Her journey hasn’t been without its sacrifices. Loveleen first came out to her wife. Still, despite initial support, their marriage eventually ended in divorce. "After the initial phase of maybe two years, even she couldn’t hold on to it," she explains. Coming from a conservative family with traditional values, acceptance was hard to come by, leading to a life built on self-discovery and the support of newfound queer friends.
Both Raghuvir and Loveleen’s experiences highlight how deeply urgent it becomes to embrace one’s truth, even if it is later than they’d hoped for. "It’s never too late to do anything in life, and ‘coming out’ should be among the least of our worries.

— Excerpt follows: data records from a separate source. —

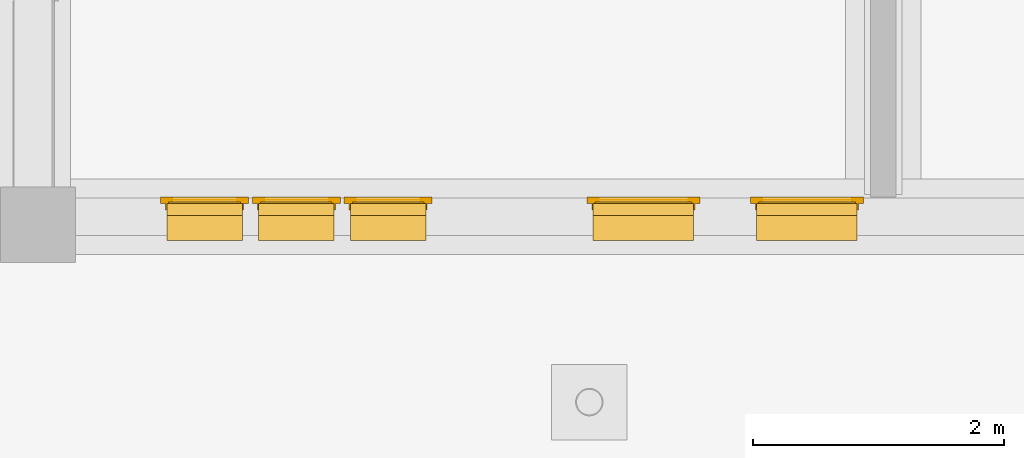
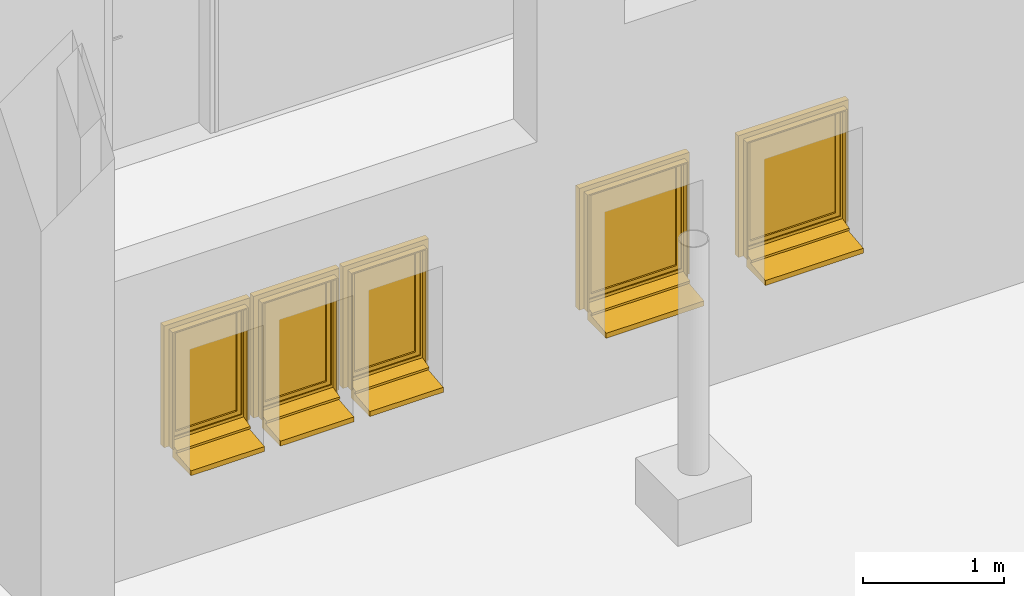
# One storey, part 13 of 20: 5 windows.
"""IFC2X3 building model written with IfcOpenShell, lengths in metres."""

from ifc_helpers import new_model, entity, si_unit, converted_unit, derived_unit, direction, frame, origin, place, context, subcontext, project, spatial, faceted_brep, source, transform, mapped, material, material_list, type_object, type_shapes, element, save


model = new_model("IFC2X3")

# Units and contexts
model_context = context("Model", 3, precision=1e-05, world=origin(), true_north=direction((6.12303176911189e-17, 1.0)))
body_context = subcontext(model_context, "Body", "Model", "MODEL_VIEW")
ifc_project = project(units=[si_unit("LENGTHUNIT", "METRE"), si_unit("AREAUNIT", "SQUARE_METRE"), si_unit("VOLUMEUNIT", "CUBIC_METRE"), converted_unit("PLANEANGLEUNIT", "DEGREE", entity("IfcRatioMeasure", 0.0174532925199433), si_unit("PLANEANGLEUNIT", "RADIAN"), dimensions=[0, 0, 0, 0, 0, 0, 0]), si_unit("MASSUNIT", "GRAM", prefix="KILO"), derived_unit("MASSDENSITYUNIT", [(si_unit("MASSUNIT", "GRAM", prefix="KILO"), 1), (si_unit("LENGTHUNIT", "METRE"), -3)]), derived_unit("MOMENTOFINERTIAUNIT", [(si_unit("LENGTHUNIT", "METRE"), 4)]), si_unit("TIMEUNIT", "SECOND"), si_unit("FREQUENCYUNIT", "HERTZ"), si_unit("THERMODYNAMICTEMPERATUREUNIT", "DEGREE_CELSIUS"), derived_unit("THERMALTRANSMITTANCEUNIT", [(si_unit("MASSUNIT", "GRAM", prefix="KILO"), 1), (si_unit("THERMODYNAMICTEMPERATUREUNIT", "KELVIN"), -1), (si_unit("TIMEUNIT", "SECOND"), -3)]), derived_unit("VOLUMETRICFLOWRATEUNIT", [(si_unit("LENGTHUNIT", "METRE"), 3), (si_unit("TIMEUNIT", "SECOND"), -1)]), si_unit("ELECTRICCURRENTUNIT", "AMPERE"), si_unit("ELECTRICVOLTAGEUNIT", "VOLT"), si_unit("POWERUNIT", "WATT"), si_unit("FORCEUNIT", "NEWTON", prefix="KILO"), si_unit("ILLUMINANCEUNIT", "LUX"), si_unit("LUMINOUSFLUXUNIT", "LUMEN"), si_unit("LUMINOUSINTENSITYUNIT", "CANDELA"), derived_unit("USERDEFINED", [(si_unit("MASSUNIT", "GRAM", prefix="KILO"), -1), (si_unit("LENGTHUNIT", "METRE"), -2), (si_unit("TIMEUNIT", "SECOND"), 3), (si_unit("LUMINOUSFLUXUNIT", "LUMEN"), 1)]), derived_unit("LINEARVELOCITYUNIT", [(si_unit("LENGTHUNIT", "METRE"), 1), (si_unit("TIMEUNIT", "SECOND"), -1)]), si_unit("PRESSUREUNIT", "PASCAL"), derived_unit("USERDEFINED", [(si_unit("LENGTHUNIT", "METRE"), -2), (si_unit("MASSUNIT", "GRAM", prefix="KILO"), 1), (si_unit("TIMEUNIT", "SECOND"), -2)]), derived_unit("LINEARFORCEUNIT", [(si_unit("MASSUNIT", "GRAM", prefix="KILO"), 1), (si_unit("LENGTHUNIT", "METRE"), 1), (si_unit("TIMEUNIT", "SECOND"), -2), (si_unit("LENGTHUNIT", "METRE"), -1)]), derived_unit("PLANARFORCEUNIT", [(si_unit("MASSUNIT", "GRAM", prefix="KILO"), 1), (si_unit("LENGTHUNIT", "METRE"), 1), (si_unit("TIMEUNIT", "SECOND"), -2), (si_unit("LENGTHUNIT", "METRE"), -2)])], contexts=[model_context])

# Site, building, storey
site_placement = place(None, origin())
site = spatial("IfcSite", under=ifc_project, at=site_placement, Name="Surface", CompositionType="ELEMENT")
building_placement = place(site_placement, origin())
building = spatial("IfcBuilding", under=site, at=building_placement, CompositionType="ELEMENT")
storey_placement = place(building_placement, origin())
storey = spatial("IfcBuildingStorey", under=building, at=storey_placement, Name="Niveau rdc", CompositionType="ELEMENT", Elevation=-1.94916083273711e-14)

# Windows
ifc_material_1 = material(Name="Fenêtre - Poignée")
ifc_material_2 = material(Name="Fenêtre - Appui")
ifc_material_3 = material(Name="Fenêtre - Vitrage")
ifc_material_4 = material(Name="Fenêtre - Cadre(1)")
ifc_material_5 = material(Name="Fenêtre - Cadre")
ifc_material_list_1 = material_list([ifc_material_1, ifc_material_2, ifc_material_3, ifc_material_4, ifc_material_5])
ifc_material_list_2 = material_list([ifc_material_1, ifc_material_2, ifc_material_4, ifc_material_5, ifc_material_3])
window_style_1 = type_object("IfcWindowStyle", Name="1 Vantail - Droit:0.80m x 1.00m - Appui Béton 2", ConstructionType="NOTDEFINED", OperationType="SINGLE_PANEL", ParameterTakesPrecedence=False, Sizeable=False, material=ifc_material_list_2)
shared_shape_1 = source(origin(), body_context, "Body", "Brep", [
    faceted_brep([(0.0806460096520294, -0.67100000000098, 0.702033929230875), (0.0820339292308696, -0.67100000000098, 0.700646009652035), (0.0820339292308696, -0.67100000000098, 0.68933230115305), (0.0806676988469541, -0.67100000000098, 0.687966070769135), (0.0693323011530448, -0.67100000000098, 0.687966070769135), (0.0679660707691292, -0.67100000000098, 0.689332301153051), (0.0679660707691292, -0.67100000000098, 0.700646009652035), (0.0693539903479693, -0.67100000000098, 0.702033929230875), (0.0806460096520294, -0.683913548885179, 0.702033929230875), (0.0820339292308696, -0.68333865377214, 0.700646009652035), (0.0820339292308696, -0.69664600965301, 0.687338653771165), (0.0820339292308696, -0.69664600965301, 0.600000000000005), (0.0820339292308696, -0.685332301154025, 0.600000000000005), (0.0820339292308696, -0.685332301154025, 0.68265236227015), (0.0820339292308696, -0.678652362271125, 0.68933230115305), (0.0806676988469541, -0.678086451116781, 0.687966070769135), (0.0693323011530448, -0.678086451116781, 0.687966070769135), (0.0679660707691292, -0.678652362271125, 0.689332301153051), (0.0679660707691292, -0.685332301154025, 0.68265236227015), (0.0679660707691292, -0.685332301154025, 0.600000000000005), (0.0679660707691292, -0.69664600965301, 0.600000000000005), (0.0679660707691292, -0.69664600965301, 0.687338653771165), (0.0679660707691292, -0.68333865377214, 0.700646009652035), (0.0693539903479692, -0.683913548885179, 0.702033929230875), (0.0806460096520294, -0.69803392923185, 0.687913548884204), (0.0806676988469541, -0.68396607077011, 0.682086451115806), (0.0693323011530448, -0.683966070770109, 0.682086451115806), (0.0693539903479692, -0.69803392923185, 0.687913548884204), (0.0806460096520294, -0.69803392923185, 0.600000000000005), (0.0693539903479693, -0.69803392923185, 0.600000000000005), (0.0693323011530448, -0.683966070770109, 0.600000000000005), (0.0806676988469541, -0.683966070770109, 0.600000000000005)], [[[0, 1, 2, 3, 4, 5, 6, 7]], [[1, 0, 8, 9]], [[2, 1, 9, 10, 11, 12, 13, 14]], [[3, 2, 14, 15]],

Embracing who you are is a personal journey that can happen at any age," says Raghuvir.
"IT IS CHALLENGING FOR SOMEONE WHO ISN'T YOUNG TO EXPLORE THEIR SEXUALITY, AS THEY MIGHT BE MORE ENTRENCHED IN SOCIETAL NORMS AND PERSONAL PATTERNS"
Raghuvir Joshi
Embracing your true self
In a personal essay for Gaysi Family, author Saumyaa Vohra examines her bisexual identity as an Indian woman, and echoes Raghuvir’s sentiment. Saumyaa came to terms with her bisexuality as an adult after years of thinking of herself as “straight”. Many queer people struggle with the confines of fitting into the normative. "I couldn’t see the nuances [of my queer identity because,] I didn’t even have the tools to look closer," she shares. This reiterates that the journey to self-acceptance can be complex yet deeply personal. Saumyaa reflects on the intersection of identity and societal norms, saying, "It’s hard to separate one’s self from their place in society, to explore what lies within as a person." Her words liken to the lived realities of those like Loveleen and Raghuvir, who may find themselves grappling with exploring their gender, sexuality, or any other aspect of their identity, against the backdrop of societal expectations. Regardless, it is a process that is worthy of understanding and respect from the larger community.
In a world embroiled in the “settling down” narrative, it’s easy to get lulled into the comfort of playing the roles society hands us. But here’s a twist that’s anything but ordinary: the real adventure begins when we ditch the script and start writing our own. For many, stepping into their true selves later in life isn’t just a plot twist, but one they had otherwise not planned for at all as they went along their lives.
The thrill of defying norms and challenging expectations can be the ultimate joy ride—messy, raw, and wildly exhilarating. So, while society might push us to take on predefined roles, the real fun—and profound growth—happens when we dare to question, explore, and celebrate who we truly are. Ultimately, life is too short for anything less than being alive to the change within us, and outside of us.